Κατάτμηση σημάτων φωνής και εξαγωγή θεμελιωδών συχνοτήτων σε ενσωματωμένη πλατφόρμα

Κωστελίδης, Βασίλειος Η.

Master Thesis

Author

Κωστελίδης, Βασίλειος Η.

Date

2012-10-11

Abstract

Two important issues regarding human speech processing is the detection of the presence of a spoken word and the pitch extraction of a speaker’s voice. A system that detects if a word has been spoken (Voice Activity Detector – VAD) can be used in telephone centers, security systems, professional singing systems, in a large number of computer games and in many other applications.
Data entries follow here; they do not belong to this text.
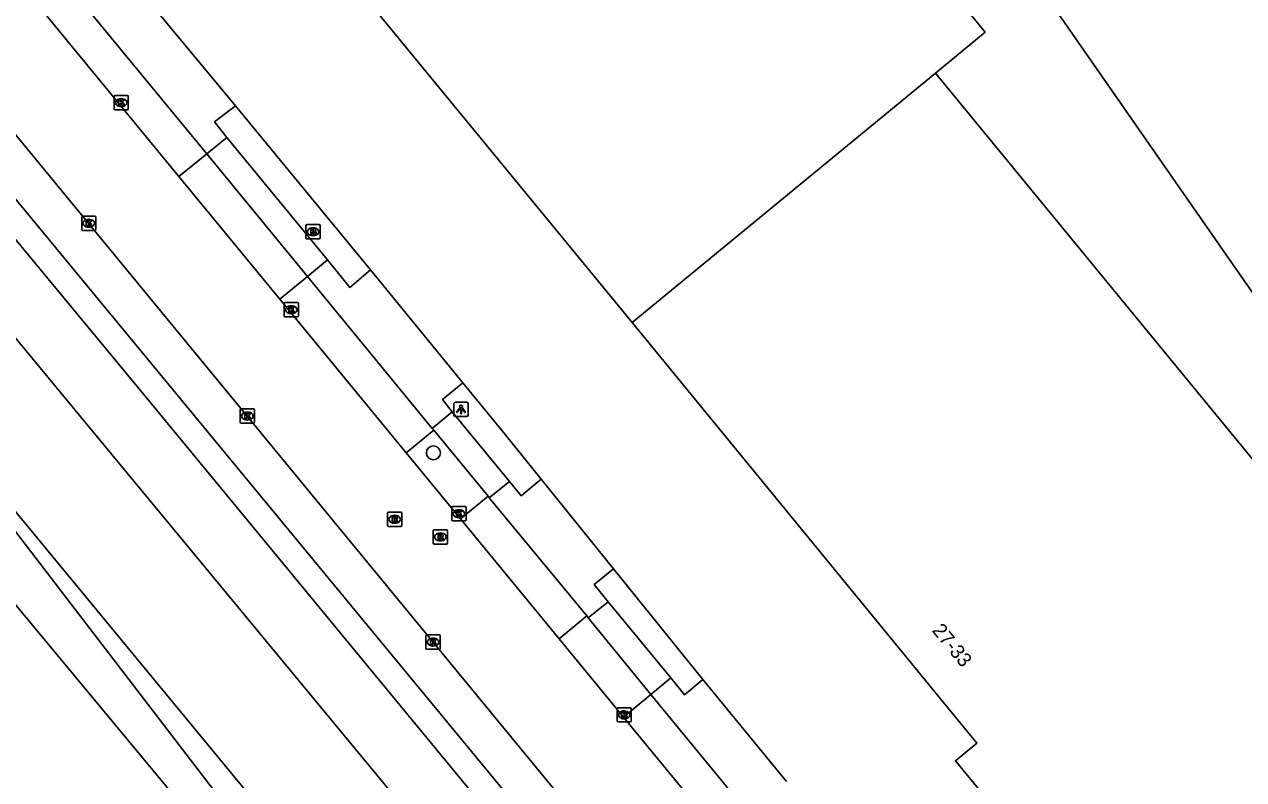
# Model space of a CAD drawing. Extents: x 156651 to 158072, y 387631 to 388990.
# Drawn here: x 157276.7 to 157362.3, y 387691.7 to 387744.8 of the extents above; entities that cross this region are included whole.
import ezdxf

# ---------------------------------------------------------------- set-up
doc = ezdxf.new("R2010")
doc.units = 0
for name, color, linetype in [('IMGEO_Berm_groen', 7, 'Continuous'), ('IMGEO_Boom', 7, 'Continuous'), ('IMGEO_Brandkraan', 7, 'Continuous'), ('IMGEO_Groenvoorziening', 7, 'Continuous'), ('IMGEO_Hek', 7, 'Continuous'), ('IMGEO_Kolk', 7, 'Continuous'), ('IMGEO_Lichtpunt', 7, 'Continuous'), ('IMGEO_Pand', 7, 'Continuous'), ('IMGEO_Pand_nummerreeks', 7, 'Continuous'), ('IMGEO_Rijbaan_lokaal_gesloten', 7, 'Continuous'), ('IMGEO_Rioolput', 7, 'Continuous'), ('IMGEO_Spoor', 7, 'Continuous'), ('IMGEO_Spoorbaan_halfverhard', 7, 'Continuous'), ('IMGEO_Voetpad_open', 7, 'Continuous')]:
    doc.layers.add(name, color=color, linetype=linetype)

msp = doc.modelspace()

# ---------------------------------------------------------------- linework, layer by layer
at = {"layer": 'IMGEO_Berm_groen'}
msp.add_lwpolyline([(157166.96, 387864.35), (157177.251, 387852.02), (157242.391, 387773.236), (157261.602, 387750), (157335.27, 387660.718)], dxfattribs=at)
at = {"layer": 'IMGEO_Boom'}
msp.add_circle((157305.393, 387714.675), 0.489, dxfattribs=at)
at = {"layer": 'IMGEO_Brandkraan'}
for p, q in [((157296.439, 387729.781), (157296.439, 387730.633)), ((157296.514, 387730.707), (157297.366, 387730.707)), ((157296.927, 387730.487), (157296.952, 387730.487)), ((157297.44, 387730.633), (157297.44, 387729.781)), ((157297.366, 387729.707), (157296.514, 387729.707)), ((157296.95, 387729.927), (157296.925, 387729.927))]:
    msp.add_line(p, q, dxfattribs=at)
for points in [[(157296.439, 387729.781), (157296.439, 387730.633)], [(157296.514, 387730.707), (157297.366, 387730.707)], [(157297.44, 387730.633), (157297.44, 387729.781)], [(157297.366, 387729.707), (157296.514, 387729.707)], [(157296.787, 387730.407), (157296.787, 387730.007), (157297, 387730.007)], [(157297.018, 387730.407), (157296.787, 387730.407)], [(157296.966, 387730.326), (157296.912, 387730.326), (157296.912, 387730.25)], [(157296.912, 387730.25), (157296.965, 387730.25)], [(157296.974, 387730.174), (157296.912, 387730.174), (157296.912, 387730.093)], [(157296.912, 387730.093), (157296.974, 387730.093)]]:
    msp.add_lwpolyline(points, dxfattribs=at)
for centre, radius, start, end in [((157296.516, 387730.631), 0.0765, 91.55205, 178.44795), ((157296.516, 387730.631), 0.0765, 91.55205, 178.44795), ((157297.364, 387730.631), 0.0765, 1.55205, 88.44795), ((157297.364, 387730.631), 0.0765, 1.55205, 88.44795), ((157296.516, 387729.783), 0.0765, 181.55205, 268.44795), ((157296.516, 387729.783), 0.0765, 181.55205, 268.44795), ((157296.967, 387730.288), 0.0379, 267.82845, 90.93552), ((157296.975, 387730.133), 0.0404, 269.87594, 90.50774), ((157297.006, 387730.258), 0.251, 268.66757, 293.53466), ((157297.022, 387730.262), 0.145, 59.4692, 91.53667), ((157297.047, 387730.309), 0.0922, 285.51372, 58.15012), ((157297.052, 387730.117), 0.105, 301.31148, 78.98903), ((157297.364, 387729.783), 0.0765, 271.55205, 358.44795), ((157297.364, 387729.783), 0.0765, 271.55205, 358.44795)]:
    msp.add_arc(centre, radius, start, end, dxfattribs=at)
for centre, major_axis, ratio, start_param, end_param in [((157296.926, 387730.207), (-0.387, 0.002), 0.722429, 4.712389, 7.853982), ((157296.951, 387730.207), (-0.39, 0.002), 0.717154, 1.570796, 4.712389)]:
    msp.add_ellipse(centre, major_axis=major_axis, ratio=ratio, start_param=start_param, end_param=end_param, dxfattribs=at)
at = {"layer": 'IMGEO_Groenvoorziening'}
for points in [[(157300.967, 387727.542), (157291.488, 387739.063)], [(157312.956, 387712.823), (157310.43, 387715.954), (157307.465, 387719.585)], [(157324.314, 387698.743), (157318.033, 387706.529)]]:
    msp.add_lwpolyline(points, dxfattribs=at)
at = {"layer": 'IMGEO_Hek'}
for points in [[(157312.956, 387712.823), (157310.43, 387715.954)], [(157318.033, 387706.529), (157312.956, 387712.823)], [(157324.314, 387698.743), (157318.033, 387706.529)], [(157330.19, 387691.592), (157324.314, 387698.743)]]:
    msp.add_lwpolyline(points, dxfattribs=at)
at = {"layer": 'IMGEO_Kolk'}
for p, q in [((157282.963, 387738.851), (157282.963, 387739.703)), ((157283.038, 387739.777), (157283.89, 387739.777)), ((157283.451, 387739.557), (157283.476, 387739.557)), ((157283.964, 387739.703), (157283.964, 387738.851)), ((157283.89, 387738.777), (157283.038, 387738.777)), ((157283.474, 387738.997), (157283.449, 387738.997)), ((157280.69, 387730.376), (157280.69, 387731.228)), ((157280.765, 387731.302), (157281.617, 387731.302)), ((157281.201, 387730.522), (157281.176, 387730.522)), ((157281.178, 387731.082), (157281.203, 387731.082)), ((157281.691, 387731.228), (157281.691, 387730.376)), ((157281.617, 387730.302), (157280.765, 387730.302)), ((157294.912, 387724.304), (157294.912, 387725.156)), ((157294.987, 387725.23), (157295.839, 387725.23)), ((157295.4, 387725.01), (157295.425, 387725.01)), ((157295.913, 387725.156), (157295.913, 387724.304)), ((157295.839, 387724.23), (157294.987, 387724.23)), ((157295.423, 387724.45), (157295.398, 387724.45)), ((157291.827, 387716.832), (157291.827, 387717.684)), ((157291.902, 387717.758), (157292.754, 387717.758)), ((157292.828, 387717.684), (157292.828, 387716.832)), ((157292.754, 387716.758), (157291.902, 387716.758)), ((157292.338, 387716.978), (157292.313, 387716.978)), ((157292.315, 387717.538), (157292.34, 387717.538)), ((157306.687, 387709.972), (157306.687, 387710.824)), ((157306.762, 387710.898), (157307.614, 387710.898)), ((157307.688, 387710.824), (157307.688, 387709.972)), ((157307.198, 387710.118), (157307.173, 387710.118)), ((157307.175, 387710.678), (157307.2, 387710.678)), ((157307.614, 387709.898), (157306.762, 387709.898)), ((157304.867, 387700.958), (157304.867, 387701.81)), ((157304.942, 387701.884), (157305.794, 387701.884)), ((157305.355, 387701.664), (157305.38, 387701.664)), ((157305.868, 387701.81), (157305.868, 387700.958)), ((157305.794, 387700.884), (157304.942, 387700.884)), ((157305.378, 387701.104), (157305.353, 387701.104)), ((157318.293, 387695.844), (157318.293, 387696.696)), ((157318.368, 387696.77), (157319.22, 387696.77)), ((157318.781, 387696.55), (157318.806, 387696.55)), ((157319.294, 387696.696), (157319.294, 387695.844)), ((157319.22, 387695.77), (157318.368, 387695.77)), ((157318.804, 387695.99), (157318.779, 387695.99))]:
    msp.add_line(p, q, dxfattribs=at)
for points in [[(157282.963, 387738.851), (157282.963, 387739.703)], [(157283.038, 387739.777), (157283.89, 387739.777)], [(157283.284, 387739.477), (157283.407, 387739.477), (157283.407, 387739.326), (157283.537, 387739.477), (157283.701, 387739.477), (157283.555, 387739.326), (157283.708, 387739.077), (157283.556, 387739.077), (157283.471, 387739.241), (157283.407, 387739.174), (157283.407, 387739.077), (157283.284, 387739.077), (157283.284, 387739.477)], [(157283.964, 387739.703), (157283.964, 387738.851)], [(157283.89, 387738.777), (157283.038, 387738.777)], [(157280.69, 387730.376), (157280.69, 387731.228)], [(157280.765, 387731.302), (157281.617, 387731.302)], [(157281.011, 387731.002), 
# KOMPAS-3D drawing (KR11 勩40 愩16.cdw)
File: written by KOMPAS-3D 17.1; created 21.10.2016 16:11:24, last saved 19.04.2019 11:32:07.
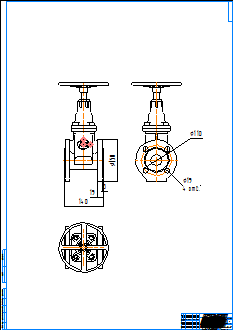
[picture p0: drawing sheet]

Sheet 1: A0, portrait

Title block, sheet 1: name: KR11 Ду40 Ру16; material: Внимание! Данный продукт является объектом авторского права ООО «Торговый Дом АДЛ». / Запрещается изменение, копирование, распространение / (в том числе путем копирования на другие сайты и ресурсы в Интернете) / или любое иное использование информации и объектов без предварительного / согласия правообладателя (ООО «Торговый Дом АДЛ»).; mass: 14,1; sheets: 1; organisation: ООО "Торговый дом АДЛ"; sheet format: A0; stored path: \\adlc.lan\data\АДЛ_ПКД\3D-модели\ADL production\Клиновые задвижки серии KR ГРАНАР\Клиновые задвижки KR11\KOMPAS 2D\KR11 Ду40 Ру16.cdw

Views: Спереди 4, Проекционный вид 5, Проекционный вид 6
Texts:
  Klimkovich
  ADL
Dimensions and other numbers on the sheet: 19; 110; 4 отв.; 140; 3; 150; 1:1; 1; 14,1
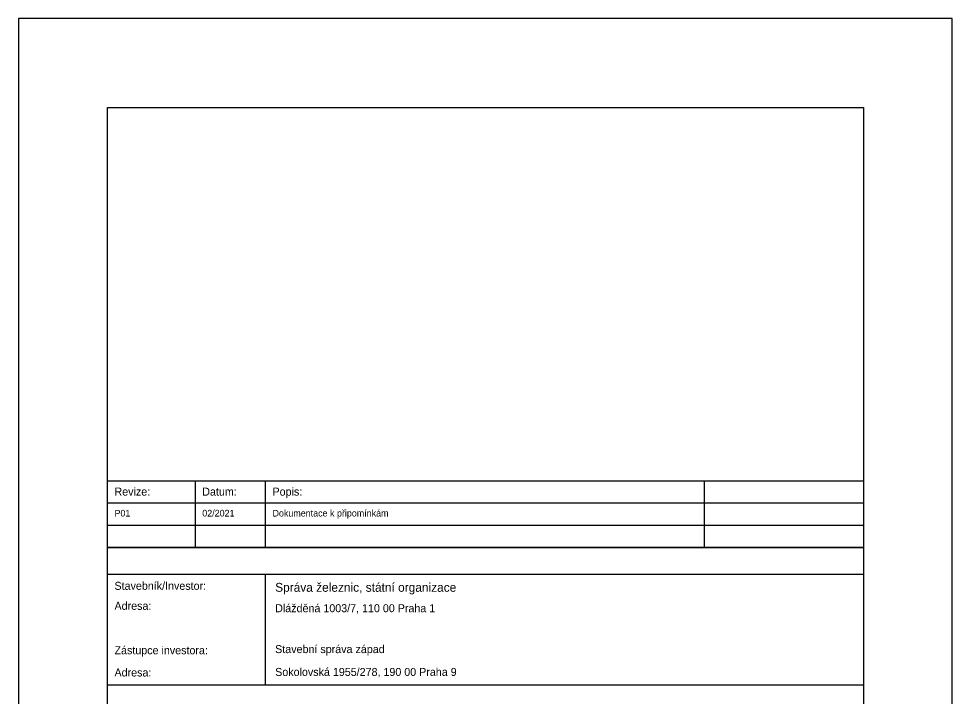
# Model space of a CAD drawing. Extents: x -729968 to -728918, y -1073811 to -1072326.
# Drawn here: x -729968 to -728918, y -1073089 to -1072326 of the extents above; entities that cross this region are included whole.
import ezdxf

# ---------------------------------------------------------------- set-up
doc = ezdxf.new("R2010")
doc.units = 0
for name, color, linetype in [('Rozpiska_pole_1', 7, 'Continuous'), ('Rozpiska_pole_4', 7, 'Continuous'), ('Rozpiska_pole_5', 7, 'Continuous'), ('Rozpiska_pole_6', 7, 'Continuous')]:
    doc.layers.add(name, color=color, linetype=linetype)

msp = doc.modelspace()

# ---------------------------------------------------------------- linework, layer by layer
msp.add_lwpolyline([(-729968.3, -1073811.1), (-728918.3, -1073811.1), (-728918.3, -1072326.1), (-729968.3, -1072326.1)], close=True)
at = {"layer": 'Rozpiska_pole_1'}
msp.add_lwpolyline([(-729868.3, -1072426.1), (-729018.3, -1072426.1), (-729018.3, -1073726.1), (-729868.3, -1073726.1)], close=True, dxfattribs=at)
at = {"layer": 'Rozpiska_pole_4'}
for p, q in [((-729769.5, -1072921.1), (-729769.5, -1072846.1)), ((-729690.5, -1072921.1), (-729690.5, -1072846.1)), ((-729196.8, -1072921.1), (-729196.8, -1072846.1)), ((-729868.3, -1072871.1), (-729018.3, -1072871.1)), ((-729868.3, -1072896.1), (-729018.3, -1072896.1)), ((-729868.3, -1072921.1), (-729018.3, -1072921.1))]:
    msp.add_line(p, q, dxfattribs=at)
msp.add_lwpolyline([(-729868.3, -1072846.1), (-729018.3, -1072846.1), (-729018.3, -1072921.1), (-729868.3, -1072921.1)], close=True, dxfattribs=at)
at = {"layer": 'Rozpiska_pole_5'}
msp.add_line((-729690.5, -1073076.1), (-729690.5, -1072951.1), dxfattribs=at)
msp.add_lwpolyline([(-729868.3, -1072951.1), (-729018.3, -1072951.1), (-729018.3, -1073076.1), (-729868.3, -1073076.1)], close=True, dxfattribs=at)

# ---------------------------------------------------------------- texts
at = {"layer": 'Rozpiska_pole_4'}
for s, height, p in [('Revize:', 9, (-729860.5, -1072862.8)), ('Datum:', 9, (-729761.8, -1072862.8)), ('Popis:', 9, (-729682.8, -1072862.8)), ('P01', 7.5, (-729860.5, -1072886.3)), ('02/2021', 7.5, (-729761.8, -1072886.3)), ('Dokumentace k připomínkám', 7.5, (-729682.8, -1072886.3))]:
    msp.add_text(s, height=height, dxfattribs=at).set_placement(p)
at = {"layer": 'Rozpiska_pole_5'}
for s, height, p in [('Stavebník/Investor:', 9, (-729860.5, -1072968.8)), ('Správa železnic, státní organizace', 10, (-729679.8, -1072971)), ('Adresa:', 9, (-729860.5, -1072991.3)), ('Zástupce investora:', 9, (-729860.5, -1073041.3)), ('Adresa:', 9, (-729860.5, -1073066.3))]:
    msp.add_text(s, height=height, dxfattribs=at).set_placement(p)
at = {"layer": 'Rozpiska_pole_6'}
for s, p in [('Dlážděná 1003/7, 110 00 Praha 1', (-729679.8, -1072994)), ('Stavební správa západ', (-729679.8, -1073040)), ('Sokolovská 1955/278, 190 00 Praha 9', (-729679.8, -1073065.7))]:
    msp.add_text(s, height=9, dxfattribs=at).set_placement(p)

doc.saveas('drawing.dxf')

Pitch is one of the most distinguished characteristics of human voice. It is the rhythm by witch the vocal chords are vibrating during speech. A pitch extractor can be used for voice recognition in security systems, for the emotion detection [1] of a given speaker, the correction of the pitch in singers, training of singers, video games, speech synthesis etc. The existing pitch extraction algorithms are many. For different applications there are algorithms with advantages and disadvantages regarding the accuracy and the execution time. Both, an accurate voice activity detection and pitch detection in a sound system, are decisive elements for word recognition and speaker recognition. For the voice activity ase, the choice of the algorithm is easy, it is the well-known algorithm from Rabiner [2][3]. For the pitch extraction case, some algorithms were studied through bibliography and their basic characteristics were compared. Τwo of them were selected in order to be implemented. For the purposes of this thesis, an embedded system with an 8 – bit microcontroller was loaded with the fore mentioned algorithms that perform VAD and pitch detection.